The financial cost of the war will not just be borne by Russia and Ukraine; it is already being borne by countries all across the world in the form of higher inflation. Russia is a major commodity supplier to the world. While it is the largest country in the world in terms of area, it is ninth-largest when it comes to population: so, it still has a lot of commodities left over after its internal use.

Given this, if the war continues, the world will continue to pay for it in the form of higher inflation. If governments protect citizens by subsidising price rises, then they will have to end up borrowing more money or cut expenditure somewhere else and that will have its own set of repercussions.

What can be done to control this inflation?

Central banks have stopped printing money and at the same time decided to start raising interest rates. Earlier this month, the Federal Reserve of the United States raised its key short-term interest rate by 25 basis points. One basis point is one hundredth of a percentage.
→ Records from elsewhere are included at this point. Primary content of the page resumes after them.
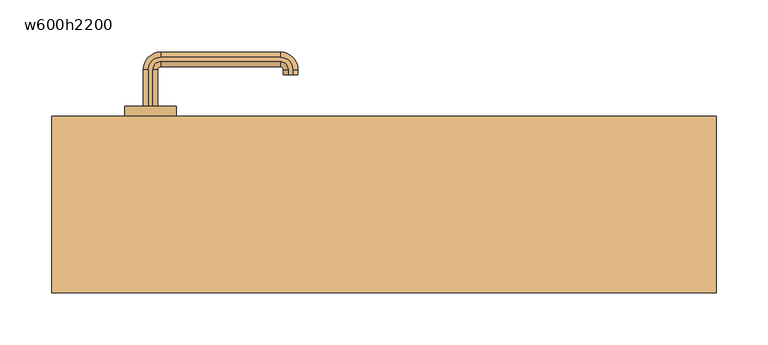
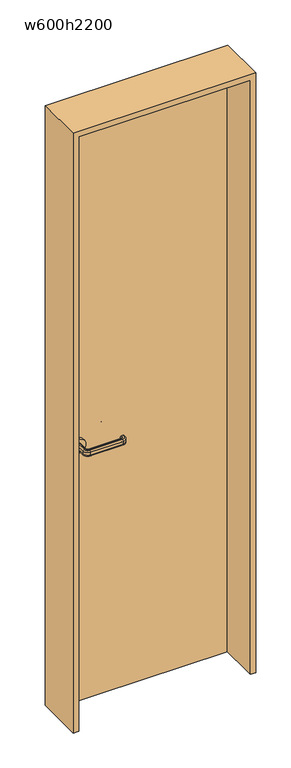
"""IFC4 building model written with IfcOpenShell, lengths in millimetres: door geometry, 片開き : w600h2200."""

from ifc_helpers import new_model, si_unit, point, frame, frame_2d, origin, origin_with_axes, place, context, project, spatial, polyline, circle_curve, ellipse_curve, trimmed, segment, composite_curve, outline, extrude, source, transform, mapped, element, save
from ifc_brep_helpers import plane_surface, cylinder_surface, revolved_surface, advanced_brep


def w600h2200_149d3280(model_context):
    return source(origin(), model_context, "Body", "SolidModel", [
        advanced_brep(
        [(-227.0, 95.0, 960.0), (-232.0, 95.0, 955.0), (-232.0, 95.0, 945.0477623), (-227.0, 95.0, 940.0477623), (-223.0, 95.0, 940.0477623), (-218.0, 95.0, 945.0477623), (-218.0, 95.0, 955.0), (-223.0, 95.0, 960.0), (-227.0, 130.0, 960.0), (-232.0, 130.0, 955.0), (-232.0, 130.0, 945.0477623), (-227.0, 130.0, 940.0477623), (-215.0, 142.0, 940.0477623), (-100.0, 142.0, 940.0477623), (-88.0, 130.0, 940.0477623), (-88.0, 125.0, 940.0477623), (-92.0, 125.0, 940.0477623), (-92.0, 130.0, 940.0477623), (-100.0, 138.0, 940.0477623), (-215.0, 138.0, 940.0477623), (-223.0, 130.0, 940.0477623), (-218.0, 130.0, 945.0477623), (-218.0, 130.0, 955.0), (-223.0, 130.0, 960.0), (-215.0, 138.0, 960.0), (-100.0, 138.0, 960.0), (-92.0, 130.0, 960.0), (-92.0, 125.0, 960.0), (-88.0, 125.0, 960.0), (-88.0, 130.0, 960.0), (-100.0, 142.0, 960.0), (-215.0, 142.0, 960.0), (-215.0, 147.0, 955.0), (-215.0, 147.0, 945.0477623), (-215.0, 133.0, 945.0477623), (-215.0, 133.0, 955.0), (-100.0, 147.0, 955.0), (-100.0, 147.0, 945.0477623), (-100.0, 133.0, 945.0477623), (-100.0, 133.0, 955.0), (-83.0, 130.0, 955.0), (-83.0, 130.0, 945.0477623), (-97.0, 130.0, 945.0477623), (-97.0, 130.0, 955.0), (-97.0, 125.0, 955.0), (-97.0, 125.0, 945.0477623), (-83.0, 125.0, 945.0477623), (-83.0, 125.0, 955.0)],
        [
            (0, 1, circle_curve(frame((-227.0, 95.0, 955.0), z_axis=(0.0, -1.0, 0.0), x_axis=(-1.0, 0.0, 0.0)), 5.0)),
            (1, 2),
            (2, 3, circle_curve(frame((-227.0, 95.0, 945.0477623), z_axis=(0.0, -1.0, 0.0), x_axis=(-1.0, 0.0, 0.0)), 5.0)),
            (3, 4),
            (4, 5, circle_curve(frame((-223.0, 95.0, 945.0477623), z_axis=(0.0, -1.0, 0.0), x_axis=(-1.0, 0.0, 0.0)), 5.0)),
            (5, 6),
            (6, 7, circle_curve(frame((-223.0, 95.0, 955.0), z_axis=(0.0, -1.0, 0.0), x_axis=(-1.0, 0.0, 0.0)), 5.0)),
            (7, 0),
            (0, 8),
            (8, 9, circle_curve(frame((-227.0, 130.0, 955.0), z_axis=(0.0, -1.0, 0.0), x_axis=(-1.0, 0.0, 0.0)), 5.0)),
            (9, 1),
            (9, 10),
            (10, 2),
            (10, 11, circle_curve(frame((-227.0, 130.0, 945.0477623), z_axis=(0.0, -1.0, 0.0), x_axis=(-1.0, 0.0, 0.0)), 5.0)),
            (11, 3),
            (11, 12, circle_curve(frame((-215.0, 130.0, 940.0477623), z_axis=(0.0, 0.0, -1.0), x_axis=(-1.0, 0.0, 0.0)), 12.0)),
            (12, 13),
            (13, 14, circle_curve(frame((-100.0, 130.0, 940.0477623), z_axis=(0.0, 0.0, -1.0), x_axis=(0.0, 1.0, 0.0)), 12.0)),
            (14, 15),
            (15, 16),
            (16, 17),
            (17, 18, circle_curve(frame((-100.0, 130.0, 940.0477623), z_axis=(0.0, 0.0, 1.0), x_axis=(0.0, 1.0, 0.0)), 8.0)),
            (18, 19),
            (19, 20, circle_curve(frame((-215.0, 130.0, 940.0477623), z_axis=(0.0, 0.0, 1.0), x_axis=(-1.0, 0.0, 0.0)), 8.0)),
            (20, 4),
            (20, 21, circle_curve(frame((-223.0, 130.0, 945.0477623), z_axis=(0.0, -1.0, 0.0), x_axis=(-1.0, 0.0, 0.0)), 5.0)),
            (21, 5),
            (21, 22),
            (22, 6),
            (22, 23, circle_curve(frame((-223.0, 130.0, 955.0), z_axis=(0.0, -1.0, 0.0), x_axis=(-1.0, 0.0, 0.0)), 5.0)),
            (23, 7),
            (23, 24, circle_curve(frame((-215.0, 130.0, 960.0), z_axis=(0.0, 0.0, -1.0), x_axis=(-1.0, 0.0, 0.0)), 8.0)),
            (24, 25),
            (25, 26, circle_curve(frame((-100.0, 130.0, 960.0), z_axis=(0.0, 0.0, -1.0), x_axis=(0.0, 1.0, 0.0)), 8.0)),
            (26, 27),
            (27, 28),
            (28, 29),
            (29, 30, circle_curve(frame((-100.0, 130.0, 960.0), z_axis=(0.0, 0.0, 1.0), x_axis=(0.0, 1.0, 0.0)), 12.0)),
            (30, 31),
            (31, 8, circle_curve(frame((-215.0, 130.0, 960.0), z_axis=(0.0, 0.0, 1.0), x_axis=(-1.0, 0.0, 0.0)), 12.0)),
            (32, 9, circle_curve(frame((-215.0, 130.0, 955.0), z_axis=(0.0, 0.0, 1.0), x_axis=(-1.0, 0.0, 0.0)), 17.0)),
            (31, 32, circle_curve(frame((-215.0, 142.0, 955.0), z_axis=(-1.0, 0.0, 0.0), x_axis=(0.0, 1.0, 0.0)), 5.0)),
            (33, 10, circle_curve(frame((-215.0, 130.0, 945.0477623), z_axis=(0.0, 0.0, 1.0), x_axis=(-1.0, 0.0, 0.0)), 17.0)),
            (32, 33),
            (33, 12, circle_curve(frame((-215.0, 142.0, 945.0477623), z_axis=(-1.0, 0.0, 0.0), x_axis=(0.0, 1.0, 0.0)), 5.0)),
            (34, 21, circle_curve(frame((-215.0, 130.0, 945.0477623), z_axis=(0.0, 0.0, 1.0), x_axis=(-1.0, 0.0, 0.0)), 3.0)),
            (19, 34, circle_curve(frame((-215.0, 138.0, 945.0477623), z_axis=(-1.0, 0.0, 0.0), x_axis=(0.0, 1.0, 0.0)), 5.0)),
            (35, 22, circle_curve(frame((-215.0, 130.0, 955.0), z_axis=(0.0, 0.0, 1.0), x_axis=(-1.0, 0.0, 0.0)), 3.0)),
            (34, 35),
            (35, 24, circle_curve(frame((-215.0, 138.0, 955.0), z_axis=(-1.0, 0.0, 0.0), x_axis=(0.0, 1.0, 0.0)), 5.0)),
            (30, 36, circle_curve(frame((-100.0, 142.0, 955.0), z_axis=(-1.0, 0.0, 0.0), x_axis=(0.0, 1.0, 0.0)), 5.0)),
            (36, 32),
            (36, 37),
            (37, 33),
            (37, 13, circle_curve(frame((-100.0, 142.0, 945.0477623), z_axis=(-1.0, 0.0, 0.0), x_axis=(0.0, 1.0, 0.0)), 5.0)),
            (18, 38, circle_curve(frame((-100.0, 138.0, 945.0477623), z_axis=(-1.0, 0.0, 0.0), x_axis=(0.0, 1.0, 0.0)), 5.0)),
            (38, 34),
            (38, 39),
            (39, 35),
            (39, 25, circle_curve(frame((-100.0, 138.0, 955.0), z_axis=(-1.0, 0.0, 0.0), x_axis=(0.0, 1.0, 0.0)), 5.0)),
            (40, 36, circle_curve(frame((-100.0, 130.0, 955.0), z_axis=(0.0, 0.0, 1.0), x_axis=(0.0, 1.0, 0.0)), 17.0)),
            (29, 40, circle_curve(frame((-88.0, 130.0, 955.0), z_axis=(0.0, 1.0, 0.0), x_axis=(1.0, 0.0, 0.0)), 5.0)),
            (41, 37, circle_curve(frame((-100.0, 130.0, 945.0477623), z_axis=(0.0, 0.0, 1.0), x_axis=(0.0, 1.0, 0.0)), 17.0)),
            (40, 41),
            (41, 14, circle_curve(frame((-88.0, 130.0, 945.0477623), z_axis=(0.0, 1.0, 0.0), x_axis=(1.0, 0.0, 0.0)), 5.0)),
            (42, 38, circle_curve(frame((-100.0, 130.0, 945.0477623), z_axis=(0.0, 0.0, 1.0), x_axis=(0.0, 1.0, 0.0)), 3.0)),
            (17, 42, circle_curve(frame((-92.0, 130.0, 945.0477623), z_axis=(0.0, 1.0, 0.0), x_axis=(1.0, 0.0, 0.0)), 5.0)),
            (43, 39, circle_curve(frame((-100.0, 130.0, 955.0), z_axis=(0.0, 0.0, 1.0), x_axis=(0.0, 1.0, 0.0)), 3.0)),
            (42, 43),
            (43, 26, circle_curve(frame((-92.0, 130.0, 955.0), z_axis=(0.0, 1.0, 0.0), x_axis=(1.0, 0.0, 0.0)), 5.0)),
            (27, 44, circle_curve(frame((-92.0, 125.0, 955.0), z_axis=(0.0, -1.0, 0.0), x_axis=(1.0, 0.0, 0.0)), 5.0)),
            (44, 45),
            (45, 16, circle_curve(frame((-92.0, 125.0, 945.0477623), z_axis=(0.0, -1.0, 0.0), x_axis=(1.0, 0.0, 0.0)), 5.0)),
            (15, 46, circle_curve(frame((-88.0, 125.0, 945.0477623), z_axis=(0.0, -1.0, 0.0), x_axis=(1.0, 0.0, 0.0)), 5.0)),
            (46, 47),
            (47, 28, circle_curve(frame((-88.0, 125.0, 955.0), z_axis=(0.0, -1.0, 0.0), x_axis=(1.0, 0.0, 0.0)), 5.0)),
            (47, 40),
            (46, 41),
            (45, 42),
            (44, 43),
        ],
        [
            plane_surface(frame((-235.198039, 95.0, 950.0), z_axis=(0.0, -1.0, 0.0), x_axis=(0.0, 0.0, 1.0))),
            cylinder_surface(frame((-227.0, 95.0, 955.0), z_axis=(0.0, -1.0, 0.0), x_axis=(-1.0, 0.0, 0.0)), 5.0),
            plane_surface(frame((-232.0, 95.0, 955.0), z_axis=(-1.0, 0.0, 0.0), x_axis=(0.0, 1.0, 0.0))),
            cylinder_surface(frame((-227.0, 95.0, 945.0477623), z_axis=(0.0, -1.0, 0.0), x_axis=(-1.0, 0.0, 0.0)), 5.0),
            plane_surface(frame((-227.0, 95.0, 940.0477623), z_axis=(0.0, 0.0, -1.0), x_axis=(0.0, 1.0, 0.0))),
            cylinder_surface(frame((-223.0, 95.0, 945.0477623), z_axis=(0.0, -1.0, 0.0), x_axis=(-1.0, 0.0, 0.0)), 5.0),
            plane_surface(frame((-218.0, 95.0, 945.0477623), z_axis=(1.0, 0.0, 0.0), x_axis=(0.0, 1.0, 0.0))),
            cylinder_surface(frame((-223.0, 95.0, 955.0), z_axis=(0.0, -1.0, 0.0), x_axis=(-1.0, 0.0, 0.0)), 5.0),
            plane_surface(frame((-223.0, 95.0, 960.0), z_axis=(0.0, 0.0, 1.0), x_axis=(0.0, 1.0, 0.0))),
            revolved_surface(trimmed(ellipse_curve(frame((-227.0, 130.0, 955.0), z_axis=(0.0, -1.0, 0.0), x_axis=(-1.0, 0.0, 0.0)), 5.0, 5.0), [point((-227.0, 130.0, 960.0))], [point((-232.0, 130.0, 955.0))], True, "CARTESIAN"), (-215.0, 130.0, 950.0), (0.0, 0.0, -1.0)),
            cylinder_surface(frame((-215.0, 130.0, 950.0), z_axis=(0.0, 0.0, -1.0), x_axis=(-1.0, 0.0, 0.0)), 17.0),
            revolved_surface(trimmed(ellipse_curve(frame((-227.0, 130.0, 945.0477623), z_axis=(0.0, -1.0, 0.0), x_axis=(-1.0, 0.0, 0.0)), 5.0, 5.0), [point((-232.0, 130.0, 945.0477623))], [point((-227.0, 130.0, 940.0477623))], True, "CARTESIAN"), (-215.0, 130.0, 950.0), (0.0, 0.0, -1.0)),
            revolved_surface(trimmed(ellipse_curve(frame((-223.0, 130.0, 945.0477623), z_axis=(0.0, -1.0, 0.0), x_axis=(-1.0, 0.0, 0.0)), 5.0, 5.0), [point((-223.0, 130.0, 940.0477623))], [point((-218.0, 130.0, 945.0477623))], True, "CARTESIAN"), (-215.0, 130.0, 950.0), (0.0, 0.0, -1.0)),
            revolved_surface(polyline([(-218.0, 130.0, 945.0477623), (-218.0, 130.0, 955.0)]), (-215.0, 130.0, 950.0), (0.0, 0.0, -1.0)),
            revolved_surface(trimmed(ellipse_curve(frame((-223.0, 130.0, 955.0), z_axis=(0.0, -1.0, 0.0), x_axis=(-1.0, 0.0, 0.0)), 5.0, 5.0), [point((-218.0, 130.0, 955.0))], [point((-223.0, 130.0, 960.0))], True, "CARTESIAN"), (-215.0, 130.0, 950.0), (0.0, 0.0, -1.0)),
            cylinder_surface(frame((-215.0, 142.0, 955.0), z_axis=(-1.0, 0.0, 0.0), x_axis=(0.0, 1.0, 0.0)), 5.0),
            plane_surface(frame((-215.0, 147.0, 955.0), z_axis=(0.0, 1.0, 0.0), x_axis=(1.0, 0.0, 0.0))),
            cylinder_surface(frame((-215.0, 142.0, 945.0477623), z_axis=(-1.0, 0.0, 0.0), x_axis=(0.0, 1.0, 0.0)), 5.0),
            cylinder_surface(frame((-215.0, 138.0, 945.0477623), z_axis=(-1.0, 0.0, 0.0), x_axis=(0.0, 1.0, 0.0)), 5.0),
            plane_surface(frame((-215.0, 133.0, 945.0477623), z_axis=(0.0, -1.0, 0.0), x_axis=(1.0, 0.0, 0.0))),
            cylinder_surface(frame((-215.0, 138.0, 955.0), z_axis=(-1.0, 0.0, 0.0), x_axis=(0.0, 1.0, 0.0)), 5.0),
            revolved_surface(trimmed(ellipse_curve(frame((-100.0, 142.0, 955.0), z_axis=(-1.0, 0.0, 0.0), x_axis=(0.0, 1.0, 0.0)), 5.0, 5.0), [point((-100.0, 142.0, 960.0))], [point((-100.0, 147.0, 955.0))], True, "CARTESIAN"), (-100.0, 130.0, 950.0), (0.0, 0.0, -1.0)),
            cylinder_surface(frame((-100.0, 130.0, 950.0), z_axis=(0.0, 0.0, -1.0), x_axis=(0.0, 1.0, 0.0)), 17.0),
            revolved_surface(trimmed(ellipse_curve(frame((-100.0, 142.0, 945.0477623), z_axis=(-1.0, 0.0, 0.0), x_axis=(0.0, 1.0, 0.0)), 5.0, 5.0), [point((-100.0, 147.0, 945.0477623))], [point((-100.0, 142.0, 940.0477623))], True, "CARTESIAN"), (-100.0, 130.0, 950.0), (0.0, 0.0, -1.0)),
            revolved_surface(trimmed(ellipse_curve(frame((-100.0, 138.0, 945.0477623), z_axis=(-1.0, 0.0, 0.0), x_axis=(0.0, 1.0, 0.0)), 5.0, 5.0), [point((-100.0, 138.0, 940.0477623))], [point((-100.0, 133.0, 945.0477623))], True, "CARTESIAN"), (-100.0, 130.0, 950.0), (0.0, 0.0, -1.0)),
            revolved_surface(polyline([(-100.0, 133.0, 945.0477623), (-100.0, 133.0, 955.0)]), (-100.0, 130.0, 950.0), (0.0, 0.0, -1.0)),
            revolved_surface(trimmed(ellipse_curve(frame((-100.0, 138.0, 955.0), z_axis=(-1.0, 0.0, 0.0), x_axis=(0.0, 1.0, 0.0)), 5.0, 5.0), [point((-100.0, 133.0, 955.0))], [point((-100.0, 138.0, 960.0))], True, "CARTESIAN"), (-100.0, 130.0, 950.0), (0.0, 0.0, -1.0)),
            plane_surface(frame((-100.198039, 125.0, 950.0), z_axis=(0.0, -1.0, 0.0), x_axis=(0.0, 0.0, -1.0))),
            cylinder_surface(frame((-88.0, 130.0, 955.0), z_axis=(0.0, 1.0, 0.0), x_axis=(1.0, 0.0, 0.0)), 5.0),
            plane_surface(frame((-83.0, 130.0, 955.0), z_axis=(1.0, 0.0, 0.0), x_axis=(0.0, -1.0, 0.0))),
            cylinder_surface(frame((-88.0, 130.0, 945.0477623), z_axis=(0.0, 1.0, 0.0), x_axis=(1.0, 0.0, 0.0)), 5.0),
            cylinder_surface(frame((-92.0, 130.0, 945.0477623), z_axis=(0.0, 1.0, 0.0), x_axis=(1.0, 0.0, 0.0)), 5.0),
            plane_surface(frame((-97.0, 130.0, 945.0477623), z_axis=(-1.0, 0.0, 0.0), x_axis=(0.0, -1.0, 0.0))),
            cylinder_surface(frame((-92.0, 130.0, 955.0), z_axis=(0.0, 1.0, 0.0), x_axis=(1.0, 0.0, 0.0)), 5.0),
        ],
        [
            (0, [[1, 2, 3, 4, 5, 6, 7, 8]]),
            (1, [[-1, 9, 10, 11]]),
            (2, [[-2, -11, 12, 13]]),
            (3, [[-3, -13, 14, 15]]),
            (4, [[-4, -15, 16, 17, 18, 19, 20, 21, 22, 23, 24, 25]]),
            (5, [[-5, -25, 26, 27]]),
            (6, [[-6, -27, 28, 29]]),
            (7, [[-7, -29, 30, 31]]),
            (8, [[-8, -31, 32, 33, 34, 35, 36, 37, 38, 39, 40, -9]]),
            (9, [[41, -10, -40, 42]]),
            (10, [[43, -12, -41, 44]]),
            (11, [[-16, -14, -43, 45]]),
            (12, [[46, -26, -24, 47]]),
            (13, [[48, -28, -46, 49]]),
            (14, [[-32, -30, -48, 50]]),
            (15, [[-42, -39, 51, 52]]),
            (16, [[-44, -52, 53, 54]]),
            (17, [[-45, -54, 55, -17]]),
            (18, [[-47, -23, 56, 57]]),
            (19, [[-49, -57, 58, 59]]),
            (20, [[-50, -59, 60, -33]]),
            (21, [[61, -51, -38, 62]]),
            (22, [[63, -53, -61, 64]]),
            (23, [[-18, -55, -63, 65]]),
            (24, [[66, -56, -22, 67]]),
            (25, [[68, -58, -66, 69]]),
            (26, [[-34, -60, -68, 70]]),
            (27, [[-36, 71, 72, 73, -20, 74, 75, 76]]),
            (28, [[-62, -37, -76, 77]]),
            (29, [[-64, -77, -75, 78]]),
            (30, [[-65, -78, -74, -19]]),
            (31, [[-67, -21, -73, 79]]),
            (32, [[-69, -79, -72, 80]]),
            (33, [[-70, -80, -71, -35]]),
        ],
    ),
        advanced_brep(
        [(-223.0, 45.0, 940.0), (-227.0, 45.0, 940.0), (-232.0, 45.0, 945.0), (-232.0, 45.0, 955.0), (-227.0, 45.0, 960.0), (-223.0, 45.0, 960.0), (-218.0, 45.0, 955.0), (-218.0, 45.0, 945.0), (-223.0, 10.0, 940.0), (-215.0, 2.0, 940.0), (-100.0, 2.0, 940.0), (-92.0, 10.0, 940.0), (-92.0, 15.0, 940.0), (-88.0, 15.0, 940.0), (-88.0, 10.0, 940.0), (-100.0, -2.0, 940.0), (-215.0, -2.0, 940.0), (-227.0, 10.0, 940.0), (-232.0, 10.0, 945.0), (-232.0, 10.0, 955.0), (-227.0, 10.0, 960.0), (-215.0, -2.0, 960.0), (-100.0, -2.0, 960.0), (-88.0, 10.0, 960.0), (-88.0, 15.0, 960.0), (-92.0, 15.0, 960.0), (-92.0, 10.0, 960.0), (-100.0, 2.0, 960.0), (-215.0, 2.0, 960.0), (-223.0, 10.0, 960.0), (-218.0, 10.0, 955.0), (-218.0, 10.0, 945.0), (-215.0, -7.0, 945.0), (-215.0, -7.0, 955.0), (-215.0, 7.0, 955.0), (-215.0, 7.0, 945.0), (-100.0, -7.0, 945.0), (-100.0, -7.0, 955.0), (-100.0, 7.0, 955.0), (-100.0, 7.0, 945.0), (-83.0, 10.0, 945.0), (-83.0, 10.0, 955.0), (-97.0, 10.0, 955.0), (-97.0, 10.0, 945.0), (-97.0, 15.0, 945.0), (-97.0, 15.0, 955.0), (-83.0, 15.0, 955.0), (-83.0, 15.0, 945.0)],
        [
            (0, 1),
            (1, 2, circle_curve(frame((-227.0, 45.0, 945.0), z_axis=(0.0, 1.0, 0.0), x_axis=(1.0, 0.0, 0.0)), 5.0)),
            (2, 3),
            (3, 4, circle_curve(frame((-227.0, 45.0, 955.0), z_axis=(0.0, 1.0, 0.0), x_axis=(1.0, 0.0, 0.0)), 5.0)),
            (4, 5),
            (5, 6, circle_curve(frame((-223.0, 45.0, 955.0), z_axis=(0.0, 1.0, 0.0), x_axis=(1.0, 0.0, 0.0)), 5.0)),
            (6, 7),
            (7, 0, circle_curve(frame((-223.0, 45.0, 945.0), z_axis=(0.0, 1.0, 0.0), x_axis=(1.0, 0.0, 0.0)), 5.0)),
            (0, 8),
            (8, 9, circle_curve(frame((-215.0, 10.0, 940.0), z_axis=(0.0, 0.0, 1.0), x_axis=(-1.0, 0.0, 0.0)), 8.0)),
            (9, 10),
            (10, 11, circle_curve(frame((-100.0, 10.0, 940.0), z_axis=(0.0, 0.0, 1.0), x_axis=(0.0, -1.0, 0.0)), 8.0)),
            (11, 12),
            (12, 13),
            (13, 14),
            (14, 15, circle_curve(frame((-100.0, 10.0, 940.0), z_axis=(0.0, 0.0, -1.0), x_axis=(0.0, -1.0, 0.0)), 12.0)),
            (15, 16),
            (16, 17, circle_curve(frame((-215.0, 10.0, 940.0), z_axis=(0.0, 0.0, -1.0), x_axis=(-1.0, 0.0, 0.0)), 12.0)),
            (17, 1),
            (17, 18, circle_curve(frame((-227.0, 10.0, 945.0), z_axis=(0.0, 1.0, 0.0), x_axis=(1.0, 0.0, 0.0)), 5.0)),
            (18, 2),
            (18, 19),
            (19, 3),
            (19, 20, circle_curve(frame((-227.0, 10.0, 955.0), z_axis=(0.0, 1.0, 0.0), x_axis=(1.0, 0.0, 0.0)), 5.0)),
            (20, 4),
            (20, 21, circle_curve(frame((-215.0, 10.0, 960.0), z_axis=(0.0, 0.0, 1.0), x_axis=(-1.0, 0.0, 0.0)), 12.0)),
            (21, 22),
            (22, 23, circle_curve(frame((-100.0, 10.0, 960.0), z_axis=(0.0, 0.0, 1.0), x_axis=(0.0, -1.0, 0.0)), 12.0)),
            (23, 24),
            (24, 25),
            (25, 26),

Jerome Powell, the Chairman of the Fed, in a speech on 21 March said: “There is an obvious need to move expeditiously to return the stance of monetary policy to a more neutral level.” Many a time, central bankers do not speak in simple English. Powell basically meant that in the time to come, the Fed could raise interest rates at the rate of 50 basis points per meeting to control inflation.

Other than this, the Fed is also expected to start gradually removing all the money it had printed and pumped into the financial system. The Fed plans to suck out up to $95 billion per month.

The expectation of these moves has started moving interest rates up. At higher interest rates, people are expected to borrow and spend less. This will bring down consumer demand and in the process cool down inflation.

The US Fed expects the inflation to come down dramatically to 2.6 per cent by the end of this year.

The other rich world central banks are expected to work along similar lines. The hope is that these measures will help in controlling inflation.